SUPPLIED ENTRIES
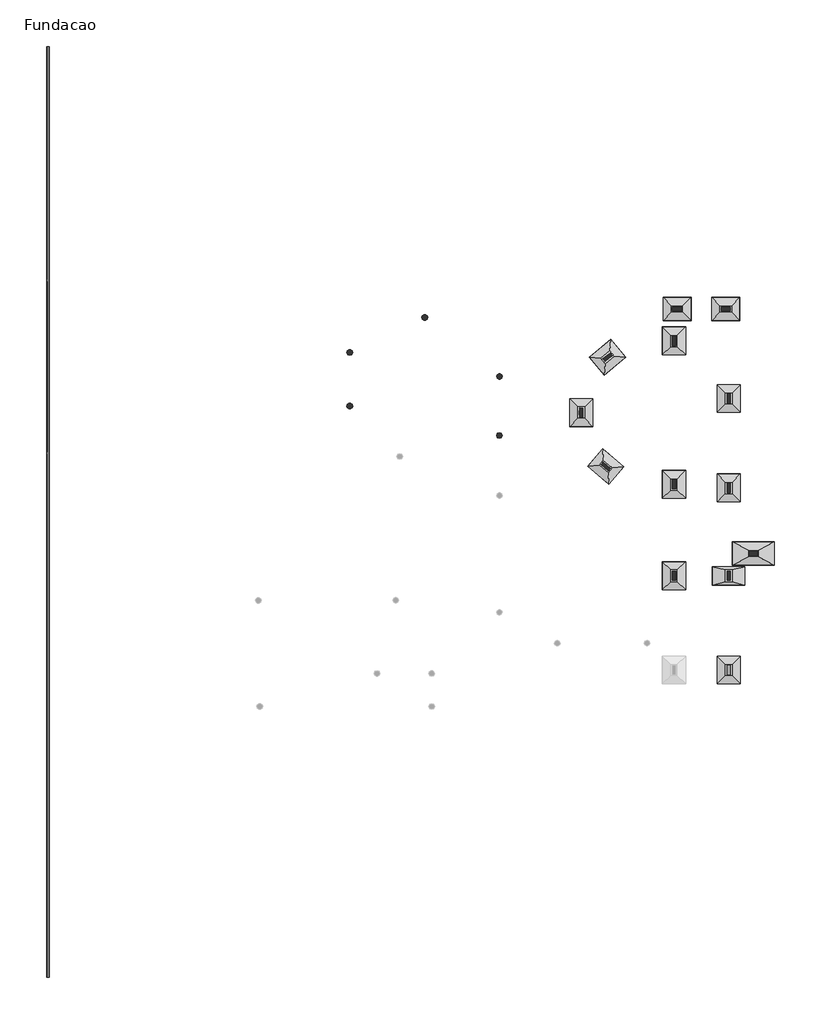
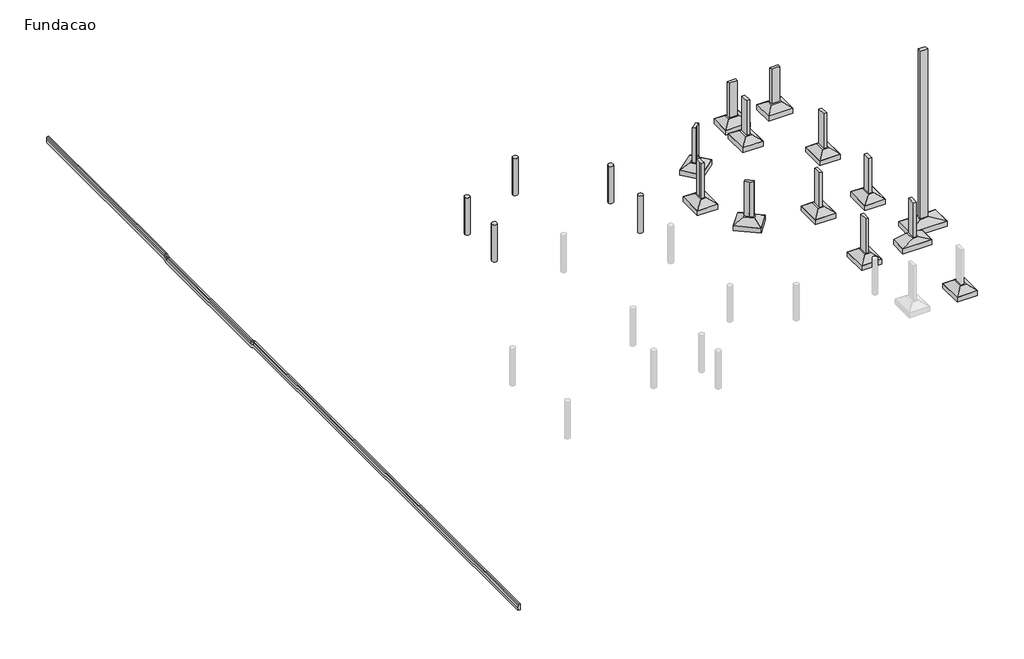
# One storey, part 2 of 2: 17 columns, 13 fasteners, 1 proxy.
"""IFC4 building model written with IfcOpenShell, lengths in millimetres."""

import ifcopenshell
import ifcopenshell.guid

model = None  # the IFC model being written
_history = None  # IfcOwnerHistory: only IFC2X3 demands one
_inside = {}  # id of a spatial element -> (the spatial element, [elements in it])
_under = {}  # id of a project, library or spatial element -> (it, [spatial elements below it])
_declared = {}  # id of a project -> (the project, [libraries it declares])
_typed = {}  # id of a type object -> (the type object, [elements of that type])
_made_of = {}  # id of a material, layer set ... -> (it, [elements and type objects made of it])


def new_model(schema):
    """Start an empty IFC model of exactly this schema.

    Asked for "IFC4X3", IfcOpenShell would pick the latest addendum, in which some entities
    have other attributes; the version numbers below select the first issue.
    IFC2X3 requires an IfcOwnerHistory on every rooted entity: one is made here for all.
    """
    global model, _history
    if schema == "IFC4X3":
        model = ifcopenshell.file(schema_version=(4, 3, 0, 0))
    else:
        model = ifcopenshell.file(schema=schema)
    _inside.clear()
    _under.clear()
    _declared.clear()
    _typed.clear()
    _made_of.clear()
    _history = None
    if model.schema == "IFC2X3":
        org = make("IfcOrganization", Name="unknown")
        user = make(
            "IfcPersonAndOrganization",
            ThePerson=make("IfcPerson", FamilyName="unknown"),
            TheOrganization=org,
        )
        app = make(
            "IfcApplication",
            ApplicationDeveloper=org,
            Version="unknown",
            ApplicationFullName="unknown",
            ApplicationIdentifier="unknown",
        )
        _history = make(
            "IfcOwnerHistory",
            OwningUser=user,
            OwningApplication=app,
            ChangeAction="ADDED",
            CreationDate=0,
        )
    return model


def make(cls, **values):
    """One entity of the class cls with the attributes given. An attribute that is None is left unset."""
    return model.create_entity(
        cls, **{name: value for name, value in values.items() if value is not None}
    )


def rooted(cls, **values):
    """An entity with a GlobalId (a new one), such as an element, a storey or a relation."""
    return make(cls, GlobalId=ifcopenshell.guid.new(), OwnerHistory=_history, **values)


def si_unit(unit_type, name, prefix=None):
    """IfcSIUnit, for example si_unit("LENGTHUNIT", "METRE", prefix="MILLI")."""
    return make("IfcSIUnit", UnitType=unit_type, Prefix=prefix, Name=name)


def assignment(units):
    """IfcUnitAssignment: the units of a project."""
    return None if units is None else make("IfcUnitAssignment", Units=units)


def point(xyz):
    """IfcCartesianPoint."""
    return None if xyz is None else make("IfcCartesianPoint", Coordinates=xyz)


def direction(xyz):
    """IfcDirection."""
    return None if xyz is None else make("IfcDirection", DirectionRatios=xyz)


def frame(location, z_axis=None, x_axis=None):
    """IfcAxis2Placement3D, a coordinate frame: its origin and axes. An axis left out is left unset."""
    return make(
        "IfcAxis2Placement3D",
        Location=point(location),
        Axis=direction(z_axis),
        RefDirection=direction(x_axis),
    )


def origin():
    """The frame at (0, 0, 0) with its axes left unset."""
    return frame((0.0, 0.0, 0.0))


def place(relative_to, where):
    """IfcLocalPlacement: puts the frame where relative to a parent placement (None: the world)."""
    return make(
        "IfcLocalPlacement", PlacementRelTo=relative_to, RelativePlacement=where
    )


def context(
    kind, dimensions, precision=None, world=None, true_north=None, identifier=None
):
    """IfcGeometricRepresentationContext, for example the 3D "Model" context."""
    return make(
        "IfcGeometricRepresentationContext",
        ContextIdentifier=identifier,
        ContextType=kind,
        CoordinateSpaceDimension=dimensions,
        Precision=precision,
        WorldCoordinateSystem=world,
        TrueNorth=true_north,
    )


def project(units=None, contexts=None):
    """IfcProject with its units and contexts."""
    return rooted(
        "IfcProject",
        Name="project",
        RepresentationContexts=contexts,
        UnitsInContext=assignment(units),
    )


def spatial(cls, under=None, at=None, **own):
    """A site, building, storey or space (cls), placed at a placement, below another one or the project."""
    s = rooted(cls, ObjectPlacement=at, **own)
    if under is not None:
        _under.setdefault(under.id(), (under, []))[1].append(s)
    return s


def polyline(points):
    """IfcPolyline through the points."""
    return make("IfcPolyline", Points=[point(p) for p in points])


def circle_curve(where, radius):
    """IfcCircle in the frame where."""
    return make("IfcCircle", Position=where, Radius=radius)


def ellipse_curve(where, semi_axis1, semi_axis2):
    """IfcEllipse in the frame where."""
    return make(
        "IfcEllipse", Position=where, SemiAxis1=semi_axis1, SemiAxis2=semi_axis2
    )


def outline(outer, holes=None, kind="AREA"):
    """IfcArbitraryClosedProfileDef: a profile drawn as a closed curve; with holes, ...WithVoids."""
    if holes is None:
        return make("IfcArbitraryClosedProfileDef", ProfileType=kind, OuterCurve=outer)
    return make(
        "IfcArbitraryProfileDefWithVoids",
        ProfileType=kind,
        OuterCurve=outer,
        InnerCurves=holes,
    )


def extrude(swept, where, along, depth):
    """IfcExtrudedAreaSolid: the profile swept, set in the frame where, extruded along a direction by depth."""
    return make(
        "IfcExtrudedAreaSolid",
        SweptArea=swept,
        Position=where,
        ExtrudedDirection=direction(along),
        Depth=depth,
    )


def faces_of(points, faces, orient=None, outer=None):
    """IfcFace entities. A face is a list of loops; a loop is a list of indices into points, from 0.

    orient and outer hold one flag for each loop. By default every Orientation is true, the
    first loop of a face is its IfcFaceOuterBound and the others are IfcFaceBound.
    """
    made = []
    for i, loops in enumerate(faces):
        bounds = []
        for j, loop in enumerate(loops):
            is_outer = j == 0 if outer is None else outer[i][j]
            bounds.append(
                make(
                    "IfcFaceOuterBound" if is_outer else "IfcFaceBound",
                    Bound=make("IfcPolyLoop", Polygon=[points[k] for k in loop]),
                    Orientation=True if orient is None else orient[i][j],
                )
            )
        made.append(make("IfcFace", Bounds=bounds))
    return made


def faceted_brep(points, faces, orient=None, outer=None, voids=None):
    """IfcFacetedBrep: a solid bounded by flat faces; with voids (closed shells), ...WithVoids."""
    shared = [point(p) for p in points]
    hull = make("IfcClosedShell", CfsFaces=faces_of(shared, faces, orient, outer))
    if voids is None:
        return make("IfcFacetedBrep", Outer=hull)
    return make(
        "IfcFacetedBrepWithVoids",
        Outer=hull,
        Voids=[
            make(cls, CfsFaces=faces_of(shared, fs, o, b)) for cls, fs, o, b in voids
        ],
    )


def shape(context_of_items, identifier, shape_type, items):
    """IfcShapeRepresentation: the items that make up one representation, for example the "Body"."""
    return make(
        "IfcShapeRepresentation",
        ContextOfItems=context_of_items,
        RepresentationIdentifier=identifier,
        RepresentationType=shape_type,
        Items=items,
    )


def source(mapping_origin, context_of_items, identifier, shape_type, items):
    """IfcRepresentationMap: a shape defined once, which mapped items show again and again."""
    return make(
        "IfcRepresentationMap",
        MappingOrigin=mapping_origin,
        MappedRepresentation=shape(context_of_items, identifier, shape_type, items),
    )


def transform(
    local_origin,
    x_axis=None,
    y_axis=None,
    z_axis=None,
    scale=None,
    scale2=None,
    scale3=None,
    uniform=True,
):
    """IfcCartesianTransformationOperator3D, or its non-uniform kind. x_axis, y_axis, z_axis: its Axis1, 2, 3."""
    if uniform:
        return make(
            "IfcCartesianTransformationOperator3D",
            Axis1=direction(x_axis),
            Axis2=direction(y_axis),
            LocalOrigin=point(local_origin),
            Scale=scale,
            Axis3=direction(z_axis),
        )
    return make(
        "IfcCartesianTransformationOperator3DnonUniform",
        Axis1=direction(x_axis),
        Axis2=direction(y_axis),
        LocalOrigin=point(local_origin),
        Scale=scale,
        Axis3=direction(z_axis),
        Scale2=scale2,
        Scale3=scale3,
    )


def mapped(mapping_source, mapping_target):
    """IfcMappedItem: shows the shape of a source again, moved by a transform."""
    return make(
        "IfcMappedItem", MappingSource=mapping_source, MappingTarget=mapping_target
    )


def made_of(thing, what):
    """Note that an element or type object is made of a material, layer set ...; save() writes the relation."""
    if what is not None:
        _made_of.setdefault(what.id(), (what, []))[1].append(thing)
    return thing


def element(
    cls,
    number,
    at=None,
    inside=None,
    cuts=None,
    type_object=None,
    material=None,
    context=None,
    identifier="Body",
    shape_type=None,
    held_by="IfcProductDefinitionShape",
    body=None,
    shapes=None,
    **own,
):
    """One element of the class cls, such as IfcWall. Its Tag is "e" and its number.

    at: its placement. inside: the storey or other place that contains it. cuts: it is an
    opening in that element (IfcRelVoidsElement). A single representation is given by context,
    identifier, shape_type and body (its items); several are given by shapes. held_by: the class
    of the entity that holds the representations. save() writes the other relations.
    """
    e = rooted(cls, Tag="e%d" % number, ObjectPlacement=at, **own)
    if body is not None:
        shapes = [shape(context, identifier, shape_type, body)]
    if shapes is not None:
        e.Representation = make(held_by, Representations=shapes)
    if inside is not None:
        _inside.setdefault(inside.id(), (inside, []))[1].append(e)
    if cuts is not None:
        rooted(
            "IfcRelVoidsElement", RelatingBuildingElement=cuts, RelatedOpeningElement=e
        )
    if type_object is not None:
        _typed.setdefault(type_object.id(), (type_object, []))[1].append(e)
    return made_of(e, material)


def aggregate(whole, parts):
    """IfcRelAggregates: a whole, such as a stair, and the parts it consists of."""
    return rooted("IfcRelAggregates", RelatingObject=whole, RelatedObjects=parts)


def save(model, path):
    """Write the relations noted so far, then the file.

    IfcRelAggregates (storeys below a building ...), IfcRelContainedInSpatialStructure (elements
    in a storey), IfcRelDefinesByType, IfcRelAssociatesMaterial and IfcRelDeclares: one each for
    every whole, place, type object, material and project.
    """
    for whole, parts in _under.values():
        aggregate(whole, parts)
    for where, things in _inside.values():
        rooted(
            "IfcRelContainedInSpatialStructure",
            RelatedElements=things,
            RelatingStructure=where,
        )
    for kind, things in _typed.values():
        rooted("IfcRelDefinesByType", RelatedObjects=things, RelatingType=kind)
    for what, things in _made_of.values():
        rooted("IfcRelAssociatesMaterial", RelatedObjects=things, RelatingMaterial=what)
    for by, libraries in _declared.values():
        rooted("IfcRelDeclares", RelatingContext=by, RelatedDefinitions=libraries)
    model.write(path)


def plane_surface(at):
    """IfcPlane: the flat surface through the origin of the frame at, square to its z axis."""
    return make("IfcPlane", Position=at)


def cylinder_surface(at, radius):
    """IfcCylindricalSurface: all points at the distance radius from the z axis of the frame at."""
    return make("IfcCylindricalSurface", Position=at, Radius=radius)


def advanced_brep(points, edges, surfaces, faces):
    """IfcAdvancedBrep: a solid bounded by faces that lie on surfaces and meet in shared edges.

    An edge is (start, end): straight between two places in points (the first is 0);
    or (start, end, curve); or (start, end, curve, False) where it runs against its curve.
    A face is (place in surfaces, loops), or (place, loops, False) where it looks against
    its surface's normal. A loop lists edges by number (the first is 1), with a minus sign
    where the edge is run from its end to its start. The first loop is the outer one.
    """
    corners = [point(p) for p in points]
    vertices = [make("IfcVertexPoint", VertexGeometry=c) for c in corners]
    made = []
    for start, end, *more in edges:
        made.append(
            make(
                "IfcEdgeCurve",
                EdgeStart=vertices[start],
                EdgeEnd=vertices[end],
                EdgeGeometry=more[0] if more else make("IfcPolyline", Points=[corners[start], corners[end]]),
                SameSense=more[1] if len(more) > 1 else True,
            )
        )
    hull = []
    for where, loops, *sense in faces:
        bounds = []
        for j, loop in enumerate(loops):
            ring = [make("IfcOrientedEdge", EdgeElement=made[abs(k) - 1], Orientation=k > 0) for k in loop]
            bounds.append(
                make(
                    "IfcFaceOuterBound" if j == 0 else "IfcFaceBound",
                    Bound=make("IfcEdgeLoop", EdgeList=ring),
                    Orientation=True,
                )
            )
        hull.append(make("IfcAdvancedFace", Bounds=bounds, FaceSurface=surfaces[where], SameSense=sense[0] if sense else True))
    return make("IfcAdvancedBrep", Outer=make("IfcClosedShell", CfsFaces=hull))


def meio_fio_meio_fio_c5939b1e(model_context):
    return source(origin(), model_context, "Body", "AdvancedBrep", [
        advanced_brep(
        [(-19460.281307, 17327.5225294, 100.0), (-19460.281307, 17327.5225294, -200.0), (-19580.281307, 17327.5225294, -200.0), (-19580.281307, 17327.5225294, -50.0), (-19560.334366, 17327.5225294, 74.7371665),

TASK TO COMPLETE
Within the data above, filter for lines containing the word "bounded" and copy each one.

FINISHED TASK
    """IfcFacetedBrep: a solid bounded by flat faces; with voids (closed shells), ...WithVoids."""
    """IfcAdvancedBrep: a solid bounded by faces that lie on surfaces and meet in shared edges.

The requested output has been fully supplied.